SANDERS: You're going into this - Steve, you're going into this demographic stuff, which I reject. That's not my cup of tea.
INSKEEP: Although, you talked about it.
SANDERS: Yes. Well, here's what you got. What you got is an African-American president. And the African-American community is very, very proud that this country has overcome racism and voted for him for president. And that's kind of natural. You got a situation where the Republican Party has been strongly anti-immigration. And you've got a Hispanic community, which is looking to the Democrats for help. But that's not important. You should not be basing your politics based on your color. What you should be basing your politics on is, how is your family doing?

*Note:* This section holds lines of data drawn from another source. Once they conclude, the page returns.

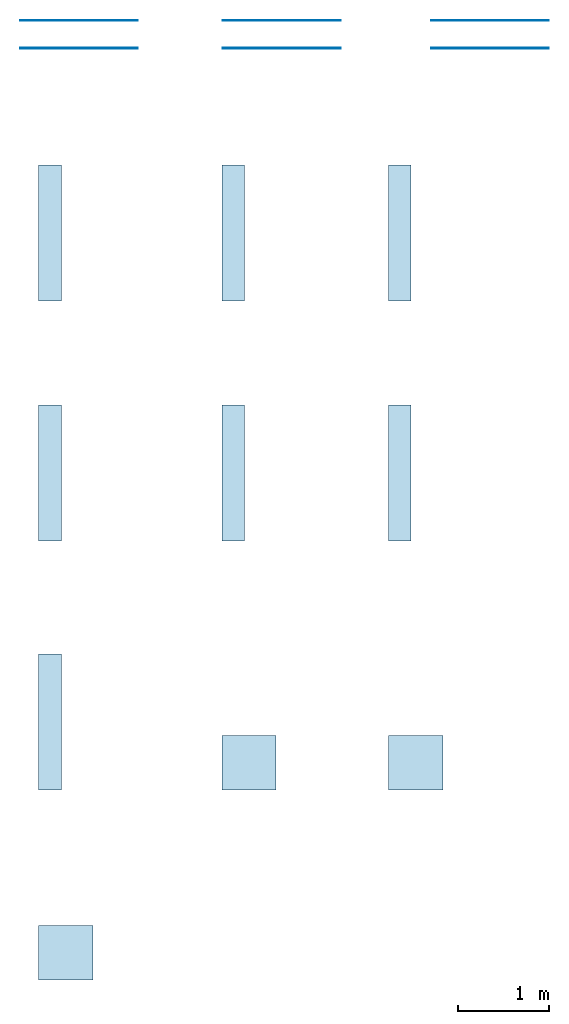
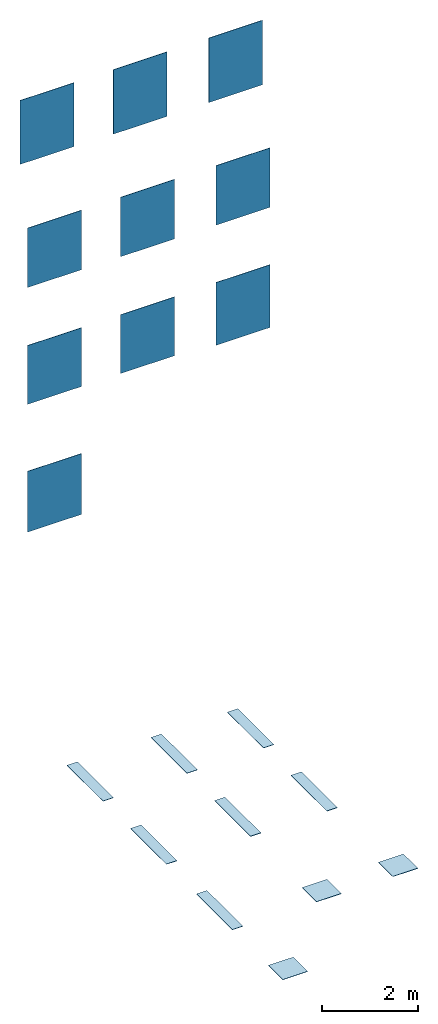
# One storey: 10 slabs, 10 walls.
"""IFC2X3 building model written with IfcOpenShell, lengths in millimetres."""

from ifc_helpers import new_model, entity, si_unit, converted_unit, derived_unit, direction, frame, frame_2d, origin, origin_2d_with_axis, place, context, subcontext, project, spatial, rectangle, extrude, material, layer, layer_set, layer_usage, type_object, element, save


model = new_model("IFC2X3")

# Units and contexts
model_context = context("Model", 3, precision=0.01, world=origin(), true_north=direction((6.123031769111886e-17, 1.0)))
body_context = subcontext(model_context, "Body", "Model", "MODEL_VIEW")
ifc_project = project(units=[si_unit("LENGTHUNIT", "METRE", prefix="MILLI"), si_unit("AREAUNIT", "SQUARE_METRE"), si_unit("VOLUMEUNIT", "CUBIC_METRE"), converted_unit("PLANEANGLEUNIT", "DEGREE", entity("IfcPlaneAngleMeasure", 0.017453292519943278), si_unit("PLANEANGLEUNIT", "RADIAN"), dimensions=[0, 0, 0, 0, 0, 0, 0]), si_unit("MASSUNIT", "GRAM", prefix="KILO"), derived_unit("MASSDENSITYUNIT", [(si_unit("MASSUNIT", "GRAM", prefix="KILO"), 1), (si_unit("LENGTHUNIT", "METRE"), -3)]), derived_unit("IONCONCENTRATIONUNIT", [(si_unit("MASSUNIT", "GRAM", prefix="KILO"), 1), (si_unit("LENGTHUNIT", "METRE"), -3)]), derived_unit("MOMENTOFINERTIAUNIT", [(si_unit("LENGTHUNIT", "METRE"), 4)]), si_unit("TIMEUNIT", "SECOND"), si_unit("FREQUENCYUNIT", "HERTZ"), si_unit("THERMODYNAMICTEMPERATUREUNIT", "DEGREE_CELSIUS"), derived_unit("THERMALTRANSMITTANCEUNIT", [(si_unit("MASSUNIT", "GRAM", prefix="KILO"), 1), (si_unit("THERMODYNAMICTEMPERATUREUNIT", "KELVIN"), -1), (si_unit("TIMEUNIT", "SECOND"), -3)]), derived_unit("THERMALCONDUCTANCEUNIT", [(si_unit("MASSUNIT", "GRAM", prefix="KILO"), 1), (si_unit("THERMODYNAMICTEMPERATUREUNIT", "KELVIN"), -1), (si_unit("TIMEUNIT", "SECOND"), -3), (si_unit("LENGTHUNIT", "METRE"), 1)]), derived_unit("VOLUMETRICFLOWRATEUNIT", [(si_unit("LENGTHUNIT", "METRE", prefix="DECI"), 3), (si_unit("TIMEUNIT", "SECOND"), -1)]), derived_unit("MASSFLOWRATEUNIT", [(si_unit("MASSUNIT", "GRAM", prefix="KILO"), 1), (si_unit("TIMEUNIT", "SECOND"), -1)]), derived_unit("ROTATIONALFREQUENCYUNIT", [(si_unit("TIMEUNIT", "SECOND"), -1)]), si_unit("ELECTRICCURRENTUNIT", "AMPERE"), si_unit("ELECTRICVOLTAGEUNIT", "VOLT"), si_unit("POWERUNIT", "WATT"), si_unit("FORCEUNIT", "NEWTON", prefix="KILO"), si_unit("ILLUMINANCEUNIT", "LUX"), si_unit("LUMINOUSFLUXUNIT", "LUMEN"), si_unit("LUMINOUSINTENSITYUNIT", "CANDELA"), si_unit("ENERGYUNIT", "JOULE"), derived_unit("USERDEFINED", [(si_unit("MASSUNIT", "GRAM", prefix="KILO"), -1), (si_unit("LENGTHUNIT", "METRE"), -2), (si_unit("TIMEUNIT", "SECOND"), 3), (si_unit("LUMINOUSFLUXUNIT", "LUMEN"), 1)]), derived_unit("USERDEFINED", [(si_unit("MASSUNIT", "GRAM", prefix="KILO"), 1), (si_unit("TIMEUNIT", "SECOND"), -3), (si_unit("LENGTHUNIT", "METRE"), 3), (si_unit("ELECTRICCURRENTUNIT", "AMPERE"), -2)]), derived_unit("SOUNDPOWERUNIT", [(si_unit("MASSUNIT", "GRAM", prefix="KILO"), 1), (si_unit("TIMEUNIT", "SECOND"), -3), (si_unit("LENGTHUNIT", "METRE"), 2)]), derived_unit("SOUNDPRESSUREUNIT", [(si_unit("MASSUNIT", "GRAM", prefix="KILO"), 1), (si_unit("LENGTHUNIT", "METRE"), -1), (si_unit("TIMEUNIT", "SECOND"), -2)]), derived_unit("LINEARVELOCITYUNIT", [(si_unit("LENGTHUNIT", "METRE"), 1), (si_unit("TIMEUNIT", "SECOND"), -1)]), si_unit("PRESSUREUNIT", "PASCAL"), derived_unit("USERDEFINED", [(si_unit("MASSUNIT", "GRAM", prefix="KILO"), 1), (si_unit("LENGTHUNIT", "METRE"), -2), (si_unit("TIMEUNIT", "SECOND"), -2)]), derived_unit("LINEARFORCEUNIT", [(si_unit("MASSUNIT", "GRAM", prefix="KILO"), 1), (si_unit("TIMEUNIT", "SECOND"), -2)]), derived_unit("PLANARFORCEUNIT", [(si_unit("MASSUNIT", "GRAM", prefix="KILO"), 1), (si_unit("LENGTHUNIT", "METRE"), -1), (si_unit("TIMEUNIT", "SECOND"), -2)]), derived_unit("SPECIFICHEATCAPACITYUNIT", [(si_unit("THERMODYNAMICTEMPERATUREUNIT", "KELVIN"), -1), (si_unit("LENGTHUNIT", "METRE"), 2), (si_unit("TIMEUNIT", "SECOND"), -2)]), derived_unit("HEATFLUXDENSITYUNIT", [(si_unit("MASSUNIT", "GRAM", prefix="KILO"), 1), (si_unit("TIMEUNIT", "SECOND"), -3)]), derived_unit("HEATINGVALUEUNIT", [(si_unit("LENGTHUNIT", "METRE"), 2), (si_unit("TIMEUNIT", "SECOND"), -2)]), derived_unit("VAPORPERMEABILITYUNIT", [(si_unit("LENGTHUNIT", "METRE"), -1), (si_unit("TIMEUNIT", "SECOND"), 1)]), derived_unit("DYNAMICVISCOSITYUNIT", [(si_unit("MASSUNIT", "GRAM", prefix="KILO"), 1), (si_unit("TIMEUNIT", "SECOND"), -1), (si_unit("LENGTHUNIT", "METRE"), -1)]), derived_unit("THERMALEXPANSIONCOEFFICIENTUNIT", [(si_unit("THERMODYNAMICTEMPERATUREUNIT", "KELVIN"), -1)]), derived_unit("MODULUSOFELASTICITYUNIT", [(si_unit("MASSUNIT", "GRAM", prefix="KILO"), 1), (si_unit("LENGTHUNIT", "METRE"), -1), (si_unit("TIMEUNIT", "SECOND"), -2)]), derived_unit("ISOTHERMALMOISTURECAPACITYUNIT", [(si_unit("MASSUNIT", "GRAM", prefix="KILO"), -1), (si_unit("LENGTHUNIT", "METRE"), 3)]), derived_unit("MOISTUREDIFFUSIVITYUNIT", [(si_unit("TIMEUNIT", "SECOND"), -1), (si_unit("LENGTHUNIT", "METRE"), 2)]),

And your point is well taken. In the last election, in state after state, you had an abysmally low vote for the Democrats among white, working-class people. And I think the reason for that is that the Democrats have not made it clear that they are prepared to stand with the working people of this country, take on the big money interest. I think the key issue that we have to focus on - I know people are uncomfortable about talking about it - is the role of the billionaire class in American society.
INSKEEP: Why are people uncomfortable in your view?
SANDERS: Because they fund organizations like NPR and the media in general, because they make huge campaign contributions to politics of politicians of all stripes.
INSKEEP: If I might, you're on NPR. I've seen you on CNN.
INSKEEP: You get your voice out. Are you being drowned out?
SANDERS: No, I'm doing pretty well lately as a matter of fact. But that's because I've given thought to running for president.
INSKEEP: That's Vermont's Senator Bernie Sanders.